Arimone Yannick, Bégaud Bernard, Miremont-Salamé Ghada, Fourrier-Réglat Annie, Molimard Mathieu, Moore Nicholas, Haramburu Françoise
INSERM U657, 33076 Bordeaux Cedex, France.
J Clin Epidemiol. 2006 Mar;59(3):308-14. doi: 10.1016/j.jclinepi.2005.08.012.
The many methods proposed for causality assessment of adverse drug reaction (ADR) generally rely on algorithms. They have no clear relationship to probabilities, however, a situation we attempted to improve.
Thirty ADR cases corresponding to 32 suspect drugs were randomly selected from the French pharmacovigilance database. The statistical weighting was performed by using a multilinear regression with logit(p) as the dependent variable and seven judgment criteria as independent variables. The best model (i.e., giving the best correlation with the gold standard) was retained for the new causality assessment method.
The weights [logit(p)] for the 21 choices, on average three for each of the seven criteria, ranged from -3.95 to 0.86, secondarily rounded to multiples of 0.5. The correlation between the probability obtained from the final method and the gold standard was quite good (R(2) = .92).
This method based on the rational weighting of seven causality criteria is straightforward to use and provides very good agreement with experts' judgment. Moreover, unlike most classical algorithms, it respects one basic rule of probabilities-namely, a symmetrical probability distribution for drug causation around the .5 neutral position (maximum uncertainty).
针对药物不良反应(ADR)因果关系评估所提出的众多方法通常依赖于算法。然而,这些方法与概率并无明确关联,我们试图改善这种情况。

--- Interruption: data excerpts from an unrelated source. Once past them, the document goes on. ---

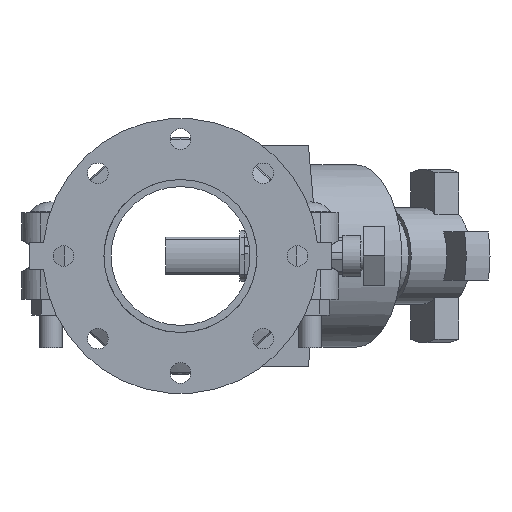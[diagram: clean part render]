
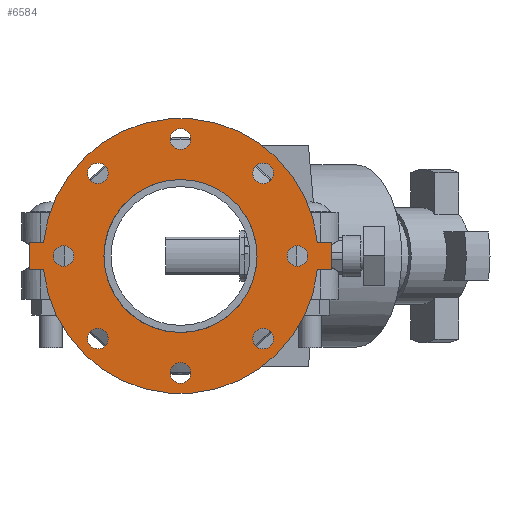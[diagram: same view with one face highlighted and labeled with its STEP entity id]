
A CAD part, front view. The second image highlights one B-rep face of the part: STEP entity #6584.
In plain terms, the highlighted planar face has unit normal (0, -1, 0) as drawn and (0, 0, 1) by its records, which use the part's own axes.
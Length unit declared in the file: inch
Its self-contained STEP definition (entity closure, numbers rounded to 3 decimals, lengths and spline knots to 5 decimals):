
#210=FACE_BOUND('',#872,.T.);
#211=FACE_BOUND('',#873,.T.);
#212=FACE_BOUND('',#874,.T.);
#213=FACE_BOUND('',#875,.T.);
#214=FACE_BOUND('',#876,.T.);
#215=FACE_BOUND('',#877,.T.);
#216=FACE_BOUND('',#878,.T.);
#217=FACE_BOUND('',#879,.T.);
#218=FACE_BOUND('',#880,.T.);
#284=PLANE('',#7166);
#504=FACE_OUTER_BOUND('',#871,.T.);
#871=EDGE_LOOP('',(#4293,#4294,#4295,#4296,#4297,#4298,#4299,#4300));
#872=EDGE_LOOP('',(#4301));
#873=EDGE_LOOP('',(#4302));
#874=EDGE_LOOP('',(#4303));
#875=EDGE_LOOP('',(#4304));
#876=EDGE_LOOP('',(#4305));
#877=EDGE_LOOP('',(#4306));
#878=EDGE_LOOP('',(#4307));
#879=EDGE_LOOP('',(#4308));
#880=EDGE_LOOP('',(#4309,#4310));
#1298=LINE('',#10084,#1789);
#1299=LINE('',#10087,#1790);
#1302=LINE('',#10092,#1793);
#1303=LINE('',#10095,#1794);
#1305=LINE('',#10098,#1796);
#1306=LINE('',#10100,#1797);
#1789=VECTOR('',#8013,0.3937);
#1790=VECTOR('',#8016,0.3937);
#1793=VECTOR('',#8021,0.3937);
#1794=VECTOR('',#8024,0.3937);
#1796=VECTOR('',#8028,0.3937);
#1797=VECTOR('',#8031,0.3937);
#2260=CIRCLE('',#7125,0.375);
#2262=CIRCLE('',#7128,0.375);
#2264=CIRCLE('',#7131,0.375);
#2266=CIRCLE('',#7134,0.375);
#2268=CIRCLE('',#7137,0.375);
#2270=CIRCLE('',#7140,0.375);
#2272=CIRCLE('',#7143,0.375);
#2274=CIRCLE('',#7146,0.375);
#2280=CIRCLE('',#7154,5.);
#2281=CIRCLE('',#7156,2.7815);
#2282=CIRCLE('',#7157,2.7815);
#2283=CIRCLE('',#7159,5.);
#2635=VERTEX_POINT('',#9995);
#2637=VERTEX_POINT('',#10001);
#2639=VERTEX_POINT('',#10007);
#2641=VERTEX_POINT('',#10013);
#2643=VERTEX_POINT('',#10019);
#2645=VERTEX_POINT('',#10025);
#2647=VERTEX_POINT('',#10031);
#2649=VERTEX_POINT('',#10037);
#2661=VERTEX_POINT('',#10064);
#2662=VERTEX_POINT('',#10066);
#2663=VERTEX_POINT('',#10070);
#2664=VERTEX_POINT('',#10072);
#2665=VERTEX_POINT('',#10076);
#2666=VERTEX_POINT('',#10078);
#2667=VERTEX_POINT('',#10082);
#2668=VERTEX_POINT('',#10086);
#2669=VERTEX_POINT('',#10090);
#2670=VERTEX_POINT('',#10094);
#3270=EDGE_CURVE('',#2635,#2635,#2260,.T.);
#3273=EDGE_CURVE('',#2637,#2637,#2262,.T.);
#3276=EDGE_CURVE('',#2639,#2639,#2264,.T.);
#3279=EDGE_CURVE('',#2641,#2641,#2266,.T.);
#3282=EDGE_CURVE('',#2643,#2643,#2268,.T.);
#3285=EDGE_CURVE('',#2645,#2645,#2270,.T.);
#3288=EDGE_CURVE('',#2647,#2647,#2272,.T.);
#3291=EDGE_CURVE('',#2649,#2649,#2274,.T.);
#3306=EDGE_CURVE('',#2661,#2662,#2280,.T.);
#3308=EDGE_CURVE('',#2664,#2663,#2281,.T.);
#3309=EDGE_CURVE('',#2663,#2664,#2282,.T.);
#3311=EDGE_CURVE('',#2666,#2665,#2283,.T.);
#3314=EDGE_CURVE('',#2662,#2667,#1298,.T.);
#3315=EDGE_CURVE('',#2668,#2666,#1299,.T.);
#3318=EDGE_CURVE('',#2665,#2669,#1302,.T.);
#3319=EDGE_CURVE('',#2670,#2661,#1303,.T.);
#3321=EDGE_CURVE('',#2669,#2670,#1305,.T.);
#3322=EDGE_CURVE('',#2667,#2668,#1306,.T.);
#4293=ORIENTED_EDGE('',*,*,#3318,.T.);
#4294=ORIENTED_EDGE('',*,*,#3321,.T.);
#4295=ORIENTED_EDGE('',*,*,#3319,.T.);
#4296=ORIENTED_EDGE('',*,*,#3306,.T.);
#4297=ORIENTED_EDGE('',*,*,#3314,.T.);
#4298=ORIENTED_EDGE('',*,*,#3322,.T.);
#4299=ORIENTED_EDGE('',*,*,#3315,.T.);
#4300=ORIENTED_EDGE('',*,*,#3311,.T.);
#4301=ORIENTED_EDGE('',*,*,#3270,.T.);
#4302=ORIENTED_EDGE('',*,*,#3273,.T.);
#4303=ORIENTED_EDGE('',*,*,#3276,.T.);
#4304=ORIENTED_EDGE('',*,*,#3279,.T.);
#4305=ORIENTED_EDGE('',*,*,#3282,.T.);
#4306=ORIENTED_EDGE('',*,*,#3285,.T.);
#4307=ORIENTED_EDGE('',*,*,#3288,.T.);
#4308=ORIENTED_EDGE('',*,*,#3291,.T.);
#4309=ORIENTED_EDGE('',*,*,#3308,.T.);
#4310=ORIENTED_EDGE('',*,*,#3309,.T.);
#6584=ADVANCED_FACE('',(#504,#210,#211,#212,#213,#214,#215,#216,#217,#218),
#284,.T.);
#7125=AXIS2_PLACEMENT_3D('',#9996,#7921,#7922);
#7128=AXIS2_PLACEMENT_3D('',#10002,#7928,#7929);
#7131=AXIS2_PLACEMENT_3D('',#10008,#7935,#7936);
#7134=AXIS2_PLACEMENT_3D('',#10014,#7942,#7943);
#7137=AXIS2_PLACEMENT_3D('',#10020,#7949,#7950);
#7140=AXIS2_PLACEMENT_3D('',#10026,#7956,#7957);
#7143=AXIS2_PLACEMENT_3D('',#10032,#7963,#7964);
#7146=AXIS2_PLACEMENT_3D('',#10038,#7970,#7971);
#7154=AXIS2_PLACEMENT_3D('',#10068,#7995,#7996);
#7156=AXIS2_PLACEMENT_3D('',#10073,#8000,#8001);
#7157=AXIS2_PLACEMENT_3D('',#10074,#8002,#8003);
#7159=AXIS2_PLACEMENT_3D('',#10079,#8007,#8008);
#7166=AXIS2_PLACEMENT_3D('',#10101,#8032,#8033);
#7921=DIRECTION('center_axis',(0.,0.,-1.));
#7922=DIRECTION('ref_axis',(-0.707,0.707,0.));
#7928=DIRECTION('center_axis',(0.,0.,-1.));
#7929=DIRECTION('ref_axis',(0.,1.,0.));
#7935=DIRECTION('center_axis',(0.,0.,-1.));
#7936=DIRECTION('ref_axis',(0.707,0.707,0.));
#7942=DIRECTION('center_axis',(0.,0.,-1.));
#7943=DIRECTION('ref_axis',(1.,0.,0.));
#7949=DIRECTION('center_axis',(0.,0.,-1.));
#7950=DIRECTION('ref_axis',(0.707,-0.707,0.));
#7956=DIRECTION('center_axis',(0.,0.,-1.));
#7957=DIRECTION('ref_axis',(0.,-1.,0.));
#7963=DIRECTION('center_axis',(0.,0.,-1.));
#7964=DIRECTION('ref_axis',(-0.707,-0.707,0.));
#7970=DIRECTION('center_axis',(0.,0.,-1.));
#7971=DIRECTION('ref_axis',(-1.,0.,0.));
#7995=DIRECTION('center_axis',(0.,0.,1.));
#7996=DIRECTION('ref_axis',(-1.,0.,0.));
#8000=DIRECTION('center_axis',(0.,0.,-1.));
#8001=DIRECTION('ref_axis',(-1.,0.,0.));
#8002=DIRECTION('center_axis',(0.,0.,-1.));
#8003=DIRECTION('ref_axis',(-1.,0.,0.));
#8007=DIRECTION('center_axis',(0.,0.,1.));
#8008=DIRECTION('ref_axis',(-1.,0.,0.));
#8013=DIRECTION('',(0.,1.,0.));
#8016=DIRECTION('',(0.,-1.,0.));
#8021=DIRECTION('',(0.,-1.,0.));
#8024=DIRECTION('',(0.,1.,0.));
#8028=DIRECTION('',(1.,0.,0.));
#8031=DIRECTION('',(-1.,0.,0.));
#8032=DIRECTION('center_axis',(0.,0.,1.));
#8033=DIRECTION('ref_axis',(1.,0.,0.));
#9995=CARTESIAN_POINT('',(-2.74004,2.74004,0.5));
#9996=CARTESIAN_POINT('Origin',(-3.0052,3.0052,0.5));
#10001=CARTESIAN_POINT('',(0.,3.875,0.5));
#10002=CARTESIAN_POINT('Origin',(0.,4.25,0.5));
#10007=CARTESIAN_POINT('',(2.74004,2.74004,0.5));
#10008=CARTESIAN_POINT('Origin',(3.0052,3.0052,0.5));
#10013=CARTESIAN_POINT('',(3.875,0.,0.5));
#10014=CARTESIAN_POINT('Origin',(4.25,0.,0.5));
#10019=CARTESIAN_POINT('',(2.74004,-2.74004,0.5));
#10020=CARTESIAN_POINT('Origin',(3.0052,-3.0052,0.5));
#10025=CARTESIAN_POINT('',(0.,-3.875,0.5));
#10026=CARTESIAN_POINT('Origin',(0.,-4.25,0.5));
#10031=CARTESIAN_POINT('',(-2.74004,-2.74004,0.5));
#10032=CARTESIAN_POINT('Origin',(-3.0052,-3.0052,0.5));
#10037=CARTESIAN_POINT('',(-3.875,0.,0.5));
#10038=CARTESIAN_POINT('Origin',(-4.25,0.,0.5));
#10064=CARTESIAN_POINT('',(0.5,-4.97494,0.5));
#10066=CARTESIAN_POINT('',(0.5,4.97494,0.5));
#10068=CARTESIAN_POINT('Origin',(0.,0.,0.5));
#10070=CARTESIAN_POINT('',(2.7815,0.,0.5));
#10072=CARTESIAN_POINT('',(0.5,2.73619,0.5));
#10073=CARTESIAN_POINT('Origin',(0.,0.,0.5));
#10074=CARTESIAN_POINT('Origin',(0.,0.,0.5));
#10076=CARTESIAN_POINT('',(-0.5,-4.97494,0.5));
#10078=CARTESIAN_POINT('',(-0.5,4.97494,0.5));
#10079=CARTESIAN_POINT('Origin',(0.,0.,0.5));
#10082=CARTESIAN_POINT('',(0.5,5.5,0.5));
#10084=CARTESIAN_POINT('',(0.5,5.5,0.5));
#10086=CARTESIAN_POINT('',(-0.5,5.5,0.5));
#10087=CARTESIAN_POINT('',(-0.5,-5.5,0.5));
#10090=CARTESIAN_POINT('',(-0.5,-5.5,0.5));
#10092=CARTESIAN_POINT('',(-0.5,-5.5,0.5));
#10094=CARTESIAN_POINT('',(0.5,-5.5,0.5));
#10095=CARTESIAN_POINT('',(0.5,5.5,0.5));
#10098=CARTESIAN_POINT('',(0.5,-5.5,0.5));
#10100=CARTESIAN_POINT('',(-0.5,5.5,0.5));
#10101=CARTESIAN_POINT('Origin',(0.,0.,0.5));

从法国药物警戒数据库中随机选取30例对应32种可疑药物的ADR病例。通过使用以logit(p)作为因变量、七个判断标准作为自变量的多元线性回归进行统计加权。新的因果关系评估方法保留了最佳模型(即与金标准具有最佳相关性的模型)。
21种选择的权重[logit(p)],七个标准中每个标准平均有三个权重,范围从-3.95至0.86,四舍五入为0.5的倍数。最终方法得出的概率与金标准之间的相关性相当好(R² = 0.92)。
这种基于对七个因果关系标准进行合理加权得出的方法使用简便,与专家判断高度一致。此外,与大多数经典算法不同,它遵循概率的一个基本规则,即在0.5中性位置(最大不确定性)周围药物因果关系的对称概率分布。